I suspect there was something awry with the system in the OPs test vehicle.

The bass is immense in the B&O and for me it was an absolute no brainer to spec over the very weedy standard offering.


----------



## Dino_Donis (Apr 19, 2004)

He did play with the sound processing so maybe that took some of the bass away?


----------



## GoodThunder (Jul 19, 2016)

I must confirm too: Bass and sound clarity are excellent. B&O is a no-brainer in this car.


----------



## Reasty (Feb 6, 2015)

olly2016 said:


> I must confirm too: Bass and sound clarity are excellent. B&O is a no-brainer in this car.


I got B&O as standard because I have a black edition but had I not of got the black edition I would have speced it and I'd get it again, it's simply the best standard in car system ive ever heard, put something Hi res through it and the quality is breath taking, half the problem these days is compressed files


----------



## GrantTTS (Mar 18, 2016)

I have the B & O and it is very good compared to many systems.

Somehow I don't find it as rewarding as my previous bespoke system I had before in my BMW (which I bought with base system in and had modified by High Down/Fourmasters). I think when I got the Audison/Rainbow/Hertz/JL system I suddenly heard detail I had never heard before and was amazed, just don't get that with the B & O also I am always tweaking it here and there.

Maybe it is trying to be too clever with surround etc and I am just a simpleton for audio.
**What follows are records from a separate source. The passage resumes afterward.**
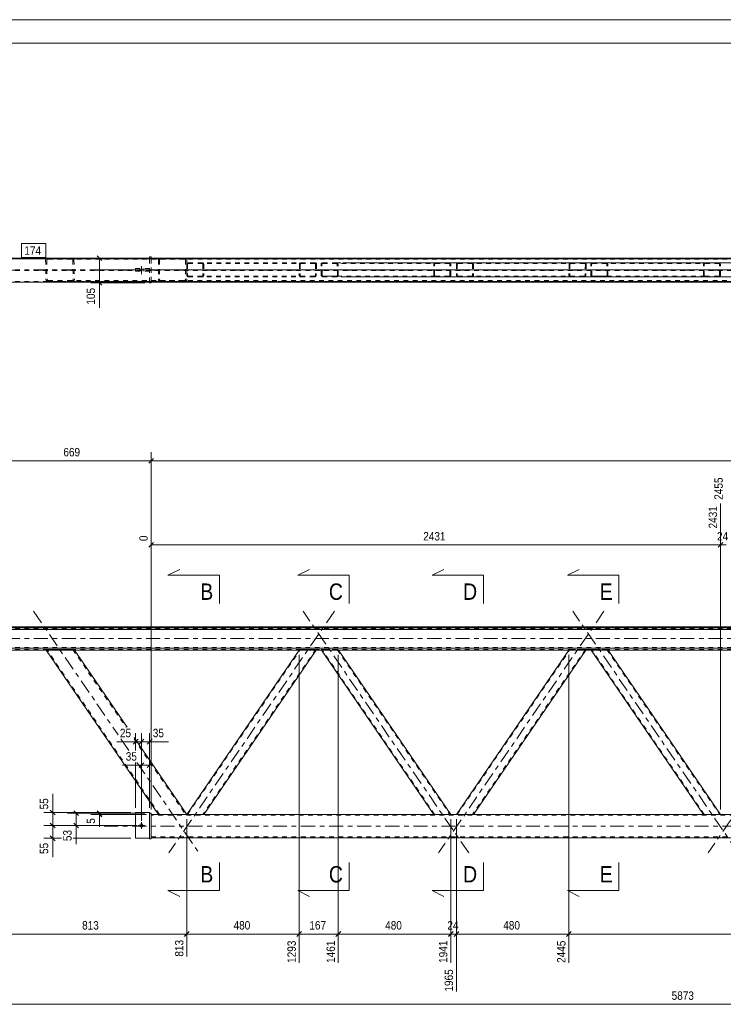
# Model space of a CAD drawing. Header units: millimetres. Extents: x 0 to 914, y 0 to 420.
# Tile 5 of 14: x 121 to 271, y 210 to 420. Entities that reach past the tile are written whole.
import ezdxf

# ---------------------------------------------------------------- set-up
doc = ezdxf.new("R2010")
doc.units = ezdxf.units.MM
for name, pattern in [('XKITLINE00', [0]), ('XKITLINE01', [4, 1, -1, 1, -1]), ('XKITLINE02', [4, 2, -2]), ('XKITLINE03', [6, 3, -1, 1, -1])]:
    doc.linetypes.add(name, pattern=pattern)
for name, color, linetype, lineweight in [('Arkusz rysunku', 3, 'Continuous', 0), ('Element', 2, 'Continuous', 0), ('Przekrój', 7, 'Continuous', 0), ('Wymiar', 4, 'Continuous', 0), ('Znak elementu', 2, 'Continuous', 0), ('Śruba', 3, 'Continuous', 0)]:
    doc.layers.add(name, color=color, linetype=linetype, lineweight=lineweight)
doc.styles.add('ARIAL', font='ARIAL.TTF')

msp = doc.modelspace()

# ---------------------------------------------------------------- linework, layer by layer
at = {"layer": 'Arkusz rysunku', "linetype": 'XKITLINE00', "lineweight": 0}
for p, q in [((914, 420), (0, 420)), ((909, 415), (5, 415))]:
    msp.add_line(p, q, dxfattribs=at)
at = {"layer": 'Element', "linetype": 'XKITLINE00', "lineweight": 0}
for p, q in [((115.58, 369.12), (131.67, 369.12)), ((115.58, 369.1), (664.28, 369.1)), ((115.58, 368.98), (664.28, 368.98)), ((115.58, 368.97), (664.28, 368.97)), ((126.56, 369.12), (126.57, 369.12)), ((131.66, 369.12), (126.57, 369.12)), ((155.75, 369.12), (131.66, 369.12)), ((131.66, 369.12), (131.67, 369.12)), ((131.67, 369.12), (664.28, 369.12)), ((148.32, 369.36), (148.32, 369.12)), ((148.62, 369.36), (148.32, 369.36)), ((148.62, 369.12), (148.62, 369.36)), ((155.75, 369.12), (155.76, 369.12)), ((115.58, 363.97), (429.5, 363.97)), ((148.32, 363.86), (148.32, 363.97)), ((148.32, 363.86), (148.62, 363.86)), ((148.62, 363.86), (148.62, 363.97)), ((115.58, 290.39), (664.28, 290.39)), ((115.58, 290.23), (664.28, 290.23)), ((664.28, 289.83), (115.58, 289.83)), ((115.58, 285.83), (664.28, 285.83)), ((115.58, 285.43), (126.67, 285.43)), ((126.2, 285.43), (150.18, 250.39)), ((126.67, 285.43), (126.68, 285.43)), ((126.68, 285.43), (131.77, 285.43)), ((126.68, 285.43), (131.77, 285.43)), ((131.77, 285.43), (131.78, 285.43)), ((131.78, 285.43), (664.28, 285.43)), ((132.25, 285.43), (143.49, 269.01)), ((180.22, 285.43), (156.24, 250.39)), ((183.85, 285.43), (159.87, 250.39)), ((208.96, 250.39), (184.98, 285.43)), ((212.59, 250.39), (188.61, 285.43)), ((237.78, 285.43), (213.8, 250.39)), ((241.42, 285.43), (217.44, 250.39)), ((266.52, 250.39), (242.54, 285.43)), ((270.16, 250.39), (246.18, 285.43)), ((145, 266.8), (156.24, 250.39)), ((145.32, 250.77), (148.32, 250.77)), ((145.32, 250.77), (145.32, 245.27)), ((148.32, 250.77), (148.32, 250.64)), ((148.62, 250.64), (148.32, 250.64)), ((148.32, 250.64), (148.32, 245.14)), ((148.62, 245.14), (148.62, 250.64)), ((150.18, 250.39), (148.62, 250.39)), ((150.21, 250.39), (150.18, 250.39)), ((150.32, 250.39), (150.21, 250.39)), ((150.48, 250.39), (150.32, 250.39)), ((150.66, 250.39), (150.48, 250.39)), ((150.66, 250.39), (155.75, 250.39)), ((155.94, 250.39), (155.75, 250.39)), ((156.09, 250.39), (155.94, 250.39)), ((156.2, 250.39), (156.09, 250.39)), ((156.24, 250.39), (156.2, 250.39)), ((615.55, 250.39), (156.23, 250.39)), ((145.32, 245.27), (148.32, 245.27)), ((148.32, 245.14), (148.62, 245.14)), ((148.62, 245.39), (623.17, 245.39))]:
    msp.add_line(p, q, dxfattribs=at)
at = {"layer": 'Element', "linetype": 'XKITLINE01', "lineweight": 0}
for p, q in [((126.13, 368.87), (126.1, 368.72)), ((126.1, 368.72), (126.19, 364.52)), ((126.23, 369), (126.13, 368.87)), ((126.39, 369.09), (126.23, 369)), ((126.34, 368.72), (126.36, 368.79)), ((126.34, 368.72), (126.43, 364.52)), ((126.36, 368.79), (126.41, 368.86)), ((126.39, 369.09), (126.56, 369.12)), ((126.41, 368.86), (126.48, 368.9)), ((126.48, 368.9), (126.58, 368.92)), ((155.75, 368.92), (126.58, 368.92)), ((126.58, 368.92), (131.67, 368.92)), ((131.67, 369.12), (131.67, 369.12)), ((131.67, 369.12), (131.85, 369.09)), ((131.67, 368.92), (131.76, 368.9)), ((131.76, 368.9), (131.84, 368.86)), ((131.84, 368.86), (131.89, 368.79)), ((132.01, 369), (131.85, 369.09)), ((131.89, 368.79), (131.91, 368.72)), ((131.91, 368.72), (132, 364.52)), ((132.11, 368.87), (132.01, 369)), ((132.15, 368.72), (132.11, 368.87)), ((132.15, 368.72), (132.25, 364.52)), ((148.32, 363.97), (148.32, 369.12)), ((148.62, 363.97), (148.62, 369.12)), ((148.62, 364.11), (148.62, 369.11)), ((623.17, 369.11), (148.62, 369.11)), ((148.62, 368.91), (623.17, 368.91)), ((150.18, 368.72), (150.21, 368.87)), ((150.18, 368.72), (150.18, 364.52)), ((150.44, 368.79), (150.42, 368.72)), ((150.42, 368.72), (150.42, 364.52)), ((150.49, 368.86), (150.44, 368.79)), ((150.47, 369.09), (150.65, 369.12)), ((150.57, 368.9), (150.49, 368.86)), ((150.66, 368.92), (150.57, 368.9)), ((150.65, 369.12), (150.66, 369.12)), ((155.84, 368.9), (155.75, 368.92)), ((155.76, 369.12), (155.94, 369.09)), ((155.92, 368.86), (155.84, 368.9)), ((155.97, 368.79), (155.92, 368.86)), ((155.99, 368.72), (155.97, 368.79)), ((155.99, 368.72), (155.99, 364.52)), ((156.2, 368.87), (156.23, 368.72)), ((156.23, 368.72), (156.24, 364.52)), ((156.24, 367.82), (156.26, 367.93)), ((156.24, 367.82), (156.24, 365.42)), ((156.26, 367.93), (156.34, 368.03)), ((156.34, 368.03), (156.46, 368.09)), ((156.43, 367.87), (156.42, 367.82)), ((156.42, 367.82), (156.42, 365.42)), ((156.47, 367.92), (156.43, 367.87)), ((156.46, 368.09), (156.6, 368.12)), ((156.53, 367.96), (156.47, 367.92)), ((156.6, 367.97), (156.53, 367.96)), ((183.57, 368.12), (156.6, 368.12)), ((183.57, 367.97), (156.6, 367.97)), ((159.51, 368.12), (159.65, 368.09)), ((159.58, 367.96), (159.51, 367.97)), ((159.64, 367.92), (159.58, 367.96)), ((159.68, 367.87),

One other thought that nags me when I cant get the audio 'comfortable' is that maybe there is too much wind and road noise in the cabin, and yes I have the soundaktor turned off.

Tin hat and body armour on waiting for the flak!


----------



## steamcake (Jan 22, 2012)

[/quote]How long did yours take to sell?[/quote]

I put it up for sale in October very high, I think about £13.5k just to see if anyone wanted it as I had a 4 month wait until my new one arrived I'd just ordered and I just got idiots ringing me offering me £8k and stuff for it so I let it run out on autotrader and then put it back up when ebay had an offer on for a free listing at start of December at £12.5k and I had loads of interest to begin with but nobody came, then it ran out and a guy rang me the next day asking if it had gone and turned up and bought it on Christmas Eve. So seems as you've got some time and it sounds like a nice one I'd put it up high and see if you get any takers for now.

Back to the B&O it's opinion I guess then. Those who have it defend it like mad hence all the comments above. Those who don't seem to say what I do. I see it as I wouldn't spend £1200 or whatever it is on the system in my home that I would keep forever let alone a car I won't have for more than 3/4 years that I spend maybe an hour a day in, for minimal difference between the Audi music system or the standard one. I don't think the B&O changed my GFV either so it gets paid for totally by your monthly payments, whereas the tech pack and the wheels both raised my GFV. Or maybe the B&O would have changed my GFV if I hadn't spec'd the tech pack, I can't remember. If you have the money I guess go for it.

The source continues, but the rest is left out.